Forelleneier brauchen Frischwasser von unten, heißt sie müssen auf einem Sieb o.a. liegen und durch dieses Sieb Frischwasser bekommen.
Also das funktioniert nicht.#d
Brut kaufen und diese im Aquarium füttern würde schon gehen.
Allerdings brauchst du einen ständigen Frischwasserzulauf um
die Temperatur unter 15°C zu halten.
Gibt spezielles Brutfutter von Futtermittelherstellern einfach mal nach googlen.
Von anderen Fischen könntest du auch Eier kaufen, einfach mal bei der nächsten Fischzucht anrufen.
Müsstest aber für Wasserpflanzen u.a. sorgen.

MfG
Jan


----------



## Kessy (16. Januar 2011)

*AW: Forellen aufziehen*

ok
ne wette hab ich echt nich am laufen  
ich weiß nich wie du drauf kommst, es interessiert mich einfach ob es gehen würde...


----------



## Gü.a.Pa. (17. Januar 2011)

*AW: Forellen aufziehen*

Wie "Troutkiller2" schon schrieb, im Aquarium geht es nicht !

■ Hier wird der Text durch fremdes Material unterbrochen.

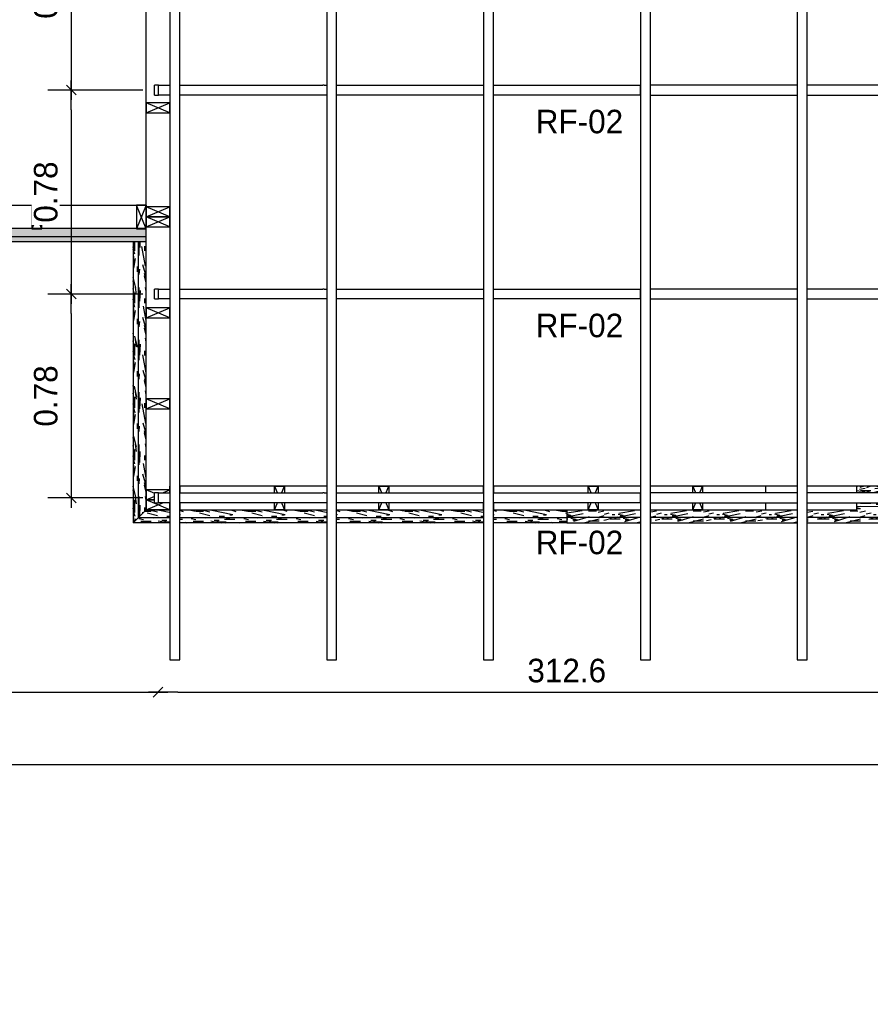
# Model space of a CAD drawing. Header units: millimetres. Extents: x 19458 to 19711, y 4351 to 4752.
# Tile 24 of 256: x 19518.96 to 19522.21, y 4513.9 to 4517.67. Entities that reach past the tile are written whole.
import ezdxf

# ---------------------------------------------------------------- set-up
doc = ezdxf.new("R2010")
doc.units = ezdxf.units.MM
doc.set_wipeout_variables(frame=1)
for name, color, linetype in [('0 @ 0.5', 7, 'Continuous'), ('ALFAJIAS', 3, 'Continuous'), ('BOTAGUAS', 8, 'Continuous'), ('CLAVADORES', 1, 'Continuous'), ('cotas', 1, 'Continuous'), ('cotas @ 400', 1, 'Continuous'), ('cotas @ 500', 1, 'Continuous'), ('PANELES PARED', 8, 'Continuous'), ('TEXTO @ 0.5', 2, 'Continuous')]:
    doc.layers.add(name, color=color, linetype=linetype)
doc.styles.add('century gothic', font='GOTHIC.TTF')
doc.styles.add('COTAS SMC', font='GOTHIC.TTF')
doc.dimstyles.new('ANOTATIVE 100 SMCONSTRUCCIONES', dxfattribs={"dimscale": 0, "dimtxt": 0.18, "dimasz": 0.15, "dimexe": 0.18, "dimexo": 0.09, "dimgap": 0.1, "dimtad": 1, "dimzin": 0, "dimdsep": 46, "dimtxsty": 'century gothic', "dimblk1": 'FLECHA1', "dimblk2": 'FLECHA1', "dimsah": 1, "dimcen": 0.18, "dimdle": 0.075, "dimclrd": 1, "dimclre": 1, "dimclrt": 2, "dimaunit": 1, "dimadec": 0, "dimazin": 0, "dimtfac": 0.75, "dimtix": 1, "dimtmove": 2, "dimatfit": 3, "dimfxl": 0.09, "dimtvp": 1.5, "dimtfill": 1, "dimtolj": 1, "dimtzin": 0, "dimarcsym": 0})
doc.dimstyles.new('ANOTATIVE CM SMCONSTRUCCIONES', dxfattribs={"dimscale": 0, "dimtxt": 0.18, "dimasz": 0.15, "dimexe": 0.18, "dimexo": 0.18, "dimgap": 0.07, "dimtad": 1, "dimdec": 1, "dimlfac": 100, "dimdsep": 46, "dimtxsty": 'century gothic', "dimblk1": 'FLECHA1', "dimblk2": 'FLECHA1', "dimsah": 1, "dimcen": 0.18, "dimdle": 0.075, "dimclrd": 1, "dimclre": 1, "dimclrt": 2, "dimaunit": 1, "dimadec": 0, "dimazin": 2, "dimtfac": 0.75, "dimtdec": 1, "dimtix": 1, "dimtmove": 2, "dimatfit": 3, "dimfxl": 0.09, "dimtvp": 1.5, "dimtfill": 1, "dimtolj": 1, "dimtzin": 0, "dimarcsym": 0})
doc.dimstyles.new('PIES SMCONSTRUCCIONES', dxfattribs={"dimscale": 0, "dimtxt": 0.18, "dimasz": 0.2, "dimexe": 0.18, "dimexo": 0, "dimgap": 0.1, "dimtad": 1, "dimdec": 0, "dimlfac": 39.370079, "dimzin": 0, "dimdsep": 46, "dimlunit": 4, "dimtxsty": 'COTAS SMC', "dimblk1": 'FLECHA1', "dimblk2": 'FLECHA1', "dimsah": 1, "dimcen": 0.2, "dimdle": 0.075, "dimclrd": 1, "dimclre": 1, "dimclrt": 2, "dimaunit": 1, "dimadec": 0, "dimazin": 0, "dimtfac": 0.75, "dimtdec": 0, "dimtix": 1, "dimtmove": 2, "dimatfit": 3, "dimfxl": 0.09, "dimtvp": 1.5, "dimtfill": 1, "dimtolj": 1, "dimtzin": 0, "dimarcsym": 0})
pattern_1 = [(0, (31.14303, 0.156), (0, 0.2), [0.04, -0.16]), (8.9726, (31.145034, 0.048), (1.200000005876, 0.199999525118), [0.0384708, -3.8086058]), (5.7105, (31.143034, 0.06), (1.800000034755, 0.19999710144), [0.0401996, -1.9697752]), (344.5779, (31.1430343, 0.12), (2.1999999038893, -0.5999974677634), [0.0601664, -5.9564754]), (353.6599, (31.147034, 0.186), (0.200000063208, 4.086e-07), [0.0362216, -1.7748552]), (345.0686, (31.153034, 0.072), (0.799999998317, -0.199999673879), [0.0310484, -3.0737864]), (348.6901, (31.083034, 0.188), (0.2000000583, 7.413e-08), [0.0815844, -0.9382194]), (5.7105, (31.145034, 0.03), (1.800000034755, 0.19999710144), [0.0200998, -1.989875]), (0, (31.14303, 0.114), (0, 0.2), [0.02, -0.18]), (0, (31.10303, 0.138), (0, 0.2), [0.06, -0.14]), (11.3099, (31.143034, 0.168), (0.79999995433, 0.19999948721), [0.020396, -0.9994078]), (2.7263, (31.123034, 0.094), (4.0000000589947, 0.1999992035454), [0.0420476, -4.1627116]), (352.4054, (31.133034, 0.088), (1.599999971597, -0.19999873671), [0.0302654, -2.9962834]), (0, (31.12303, 0.012), (0, 0.2), [0.04, -0.16]), (358.8309, (31.1030343, 0.002), (0.2000000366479, 1.5360345e-07), [0.0980204, -9.70402]), (0, (31.10303, 0.152), (0, 0.2), [0.02, -0.18]), (0, (31.12303, 0.168), (0, 0.2), [0.02, -0.18]), (0, (31.03303, 0.186), (0, 0.2), [0.03, -0.17]), (350.5377, (31.087034, 0.196), (0.200000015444, 7.752e-08), [0.0608276, -1.1557248]), (0, (31.02303, 0.196), (0, 0.2), [0.04, -0.16]), (0, (31.00103, 0.016), (0, 0.2), [0.022, -0.178]), (0, (31.10303, 0.026), (0, 0.2), [0.02, -0.18]), (0, (31.00103, 0.032), (0, 0.2), [0.042, -0.158]), (5.4403, (31.103034, 0.044), (1.9999999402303, 0.199998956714), [0.04219, -4.1768144]), (0, (31.10503, 0.06), (0, 0.2), [0.038, -0.162]), (0, (31.00103, 0.064), (0, 0.2), [0.022, -0.178]), (358.8309, (31.0250343, 0.096), (0.2000000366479, 1.5360345e-07), [0.0980204, -9.70402]), (0, (31.04303, 0.114), (0, 0.2), [0.02, -0.18]), (0, (31.02303, 0.12), (0, 0.2), [0.02, -0.18]), (0, (31.10303, 0.12), (0, 0.2), [0.04, -0.16]), (0, (31.06303, 0.124), (0, 0.2), [0.02, -0.18]), (0, (31.02303, 0.148), (0, 0.2), [0.04, -0.16]), (19.6538, (31.077034, 0.064), (2.200000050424, 0.79999891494), [0.0297322, -2.9434812]), (11.3099, (31.043034, 0.12), (0.79999995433, 0.19999948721), [0.020396, -0.9994078]), (11.3099, (31.123034, 0.11), (0.79999995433, 0.19999948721), [0.020396, -0.9994078]), (5.7105, (31.063034, 0.186), (1.800000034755, 0.19999710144), [0.0200998, -1.989875]), (349.6952, (31.001034, 0.2), (1.199999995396, -0.19999893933), [0.0223606, -2.213707]), (348.6901, (31.023034, 0.016), (0.2000000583, 7.413e-08), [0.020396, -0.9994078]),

Aufzucht von Fischen aus Laich dazu braucht man auch ein Fachwissen!


----------



## Robin1996 (20. Januar 2011)

*AW: Forellen aufziehen*

Hi
also ich habe meine Forellen selbst abgestreift und habe die Eier ins aquarim gelegt allerdings brauchst du eine Konstruktion das die Eier von unten mit wasser umstroemt werden. Das aquarium muss mit am besten Quellwasser (leitungswasser hat meist einen chloranteil). Du musst die Eier min 1 mal taeglich absammeln ( ich machs 3 mal) die Temperatur muss gleich bleiben weil die Eier sonst vor der Geburt aufspringen koennen. Die Eier muessen dunkel "gelagert" werden da Licht sie zerstöret z.b. Eine helle Taschenlampe. Also es ist natuerlich moeglich Eier im Aquarium aufzuziehen aber dafuer braucht man auch Erfahrung und das was ich eben beschrieben habe auch und noch viele andere Sachen. Das aquarium muss auch so groß sein das die Fische genug Platz haben.
Wenn du es machen wuerdest und du haettest ein paar Eier die schluepfen muesstest du nachdem 75 % der der geschluepften Eier die Wasserzuführung von der Seite machen. Dann haben sie ein Dottersack noch glaube 14 Tage und dann musst du sie anfuetter mit brutfutter. Wenn du bachforellen hast darfst du das auf keinen Fall vergessen weil diese nur in einem kurzen Zeitraum das kuenstlich Futter annehmen und dann verweigern.
Es gibt bestimmt noch so viel was ich vergessen habe deshalb Kauf dir erstmal ein Buch darueber oder schau im Internet nach. Am besten sind aber eigene Erfahrungen . Bei mir sind heute 70%. Der Eier abgestorben ich weiß nicht warum aber ich habe auch kein frischwasser was ins Aquarium läuft. Ich habe  dann gestern Wasser gewechselt vergessen Salz rein zu tun und dann waren sie heute Tod so schnell geht das aber das lag warscheinlich nicht am Salz. War ja auch nur ein Versuch im Haus ich bin gerade an ner Konstruktion am bauen die ich in der Garage(natuerlich mit ner Pumpe in meiner Quelle) oder in meiner Quelle setzen kann ich weiss noch nicht wo aber alles hat seine vor und Nachteile.
Bitte wenn ihr im Forum sagt man braucht Erfahrung also kannst du das nicht. Dann sagt mir bitte wo man die ohne selbst was zu machen herbekommen soll die kommt ein ja leider net zugeflogen. Sagt doch das das beim ersten mal warscheinlich nichts rauskommt aber beim zweiten mal vielleicht. Sagt doch was er/sie fuer Vorraussetzungen braucht und gebt Tipps. Das ist viel besser als wenn man sagt das kannst du nicht und er es dann versucht und vermasselt und ihr ihm/ihr auch haettet Tips geben koennen. Wenn die Vorraussetzungen stimmen macht das pls und kläret die Leute darueber auch auf weil ihr koennt das 1000 mal besser als ich.
Achso bitte keine antworten ueber Rechtschreibung etc. ich schreibe vom iPod da geht sowas nicht so gut. 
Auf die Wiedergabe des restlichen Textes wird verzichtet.